On the cusp of Spring

D. Robinson-Walsh via Flickr

The celebratory feeling had simply left March 20th. It was the first day of Spring, Jasper’s birthday, and it was supposed to be a fun time of year. But he couldn’t feel good about it any more.

He took his melancholy out the back door. He needed a break from the party his mother put together for him. His older brother and cousins were there, but he needed a little privacy from the noise inside the kitchen. Everyone else seemed to push the memories of his grandfather out of their minds, even if temporarily, but it felt disloyal to go along with them. Jasper wanted to still suffer the grief of Grandpa’s passing and keep the pain fresh in his heart. Holding it there made the patriarch’s life still seem palpable.

As it was, nothing much seemed worth celebrating. Jasper went to search for his grandfather’s essence there in the fields, as if he’d spied the man’s spectral presence out in the windrows of snow. He gazed out at the pastures of Grateful Acres, as the farm was ironically called, and saw a berm of snow hiding behind the shade of a pine row. The white stripe outlined the strip of hearty trees, bald on one side and flocked on the other. Such a barren landscape.

Spring couldn’t come soon enough.

To the south, two black bulls lay assessing each other from opposite sides of a barbed wire fence. Conserving their body heat was more important than sparring off at that moment. An uncle kept up the family’s legacy in part by tending the livestock that once belonged to his father.

Grandpa had gone out to check his cows after a particularly cold night, a calf’s birth being only a few days past. He trekked down a gully, perhaps looking after a cow in trouble, and must have made no notice of his old tractor’s precipitous perch when he dismounted. It had gone rogue, rolled down the hill, and struck him dead. One of the boys went to call him inside for Jasper’s last party and discovered him there in the snow, his lips already blue.

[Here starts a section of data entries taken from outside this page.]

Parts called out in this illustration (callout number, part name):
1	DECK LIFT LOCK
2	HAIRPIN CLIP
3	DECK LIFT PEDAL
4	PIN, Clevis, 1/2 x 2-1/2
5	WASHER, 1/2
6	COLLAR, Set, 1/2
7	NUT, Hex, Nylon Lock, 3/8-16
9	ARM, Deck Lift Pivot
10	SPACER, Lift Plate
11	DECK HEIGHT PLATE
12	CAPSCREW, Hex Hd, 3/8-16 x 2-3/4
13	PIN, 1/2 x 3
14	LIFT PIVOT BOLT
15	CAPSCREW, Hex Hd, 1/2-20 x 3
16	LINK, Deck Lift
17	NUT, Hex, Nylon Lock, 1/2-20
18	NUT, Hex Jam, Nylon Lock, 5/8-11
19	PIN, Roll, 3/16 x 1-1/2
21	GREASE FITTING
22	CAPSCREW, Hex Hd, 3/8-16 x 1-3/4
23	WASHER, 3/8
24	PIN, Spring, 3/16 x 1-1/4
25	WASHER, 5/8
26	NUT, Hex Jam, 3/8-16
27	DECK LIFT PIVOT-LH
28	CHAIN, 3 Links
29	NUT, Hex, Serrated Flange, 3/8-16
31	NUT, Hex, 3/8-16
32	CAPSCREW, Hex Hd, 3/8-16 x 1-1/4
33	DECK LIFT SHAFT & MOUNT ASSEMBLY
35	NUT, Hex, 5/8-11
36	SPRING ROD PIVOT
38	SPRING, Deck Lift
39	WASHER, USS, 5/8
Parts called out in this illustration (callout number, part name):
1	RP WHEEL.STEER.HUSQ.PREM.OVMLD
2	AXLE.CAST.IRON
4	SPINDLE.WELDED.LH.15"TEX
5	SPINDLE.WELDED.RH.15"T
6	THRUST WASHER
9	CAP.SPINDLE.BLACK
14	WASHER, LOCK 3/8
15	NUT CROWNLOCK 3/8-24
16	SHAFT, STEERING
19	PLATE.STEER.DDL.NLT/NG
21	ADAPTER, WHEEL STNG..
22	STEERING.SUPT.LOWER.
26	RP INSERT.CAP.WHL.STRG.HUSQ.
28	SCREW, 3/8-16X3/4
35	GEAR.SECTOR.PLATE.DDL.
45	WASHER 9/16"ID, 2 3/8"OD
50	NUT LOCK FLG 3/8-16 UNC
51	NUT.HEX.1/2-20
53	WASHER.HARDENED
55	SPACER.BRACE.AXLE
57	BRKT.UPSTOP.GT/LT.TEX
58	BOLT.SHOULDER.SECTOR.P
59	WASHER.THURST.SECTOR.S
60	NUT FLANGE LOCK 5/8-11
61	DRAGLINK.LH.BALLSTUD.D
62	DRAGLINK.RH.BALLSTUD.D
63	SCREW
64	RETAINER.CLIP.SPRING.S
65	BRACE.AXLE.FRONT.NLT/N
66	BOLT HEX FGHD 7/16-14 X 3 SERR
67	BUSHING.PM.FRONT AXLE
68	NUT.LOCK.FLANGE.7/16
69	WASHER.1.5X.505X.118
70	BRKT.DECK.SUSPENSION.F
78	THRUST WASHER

Why a man his age had still tried to actively farm was anyone’s guess.

The offending tractor sat lonesome behind the shed out back. It hadn’t been driven again since the accident.

Grandpa had been gone for a year, his death unfortunately coinciding with the anniversary of Jasper’s birth. Jasper could hear the guests talking and laughing back in the house, the party moving blissfully along, but their happiness betrayed his emotions. It was like wet confetti at a New Year’s Day parade. A sucker punch when he turned to kiss a girl. He couldn’t muster up even an inkling of happiness.

Jasper still missed his grandfather so much, and the snow only intensified that sorrow. A ubiquitous misery.

He wondered if it snowed the day he was born.


*This post was prompted by Kelly’s line, like wet confetti at a New Year’s Day parade, at Studio 30 Plus.


  1. He wondered if it snowed the day he was born; what a great line to tie it all together. Great piece and perfect use of the prompt! I struggled with this one quite a bit.

  2. Wow. A kid wallowing in a misery that he can’t believe is no longer everyone’s misery. Nice imagery. Snow. (shudder). And you totally had me at “Spring couldn’t come soon enough.”

    • Hmmm … let’s see what Marie is thinking. I’m up to try (almost) anything. Maybe one of the hobos makes a stop on the rails to meet one of my characters???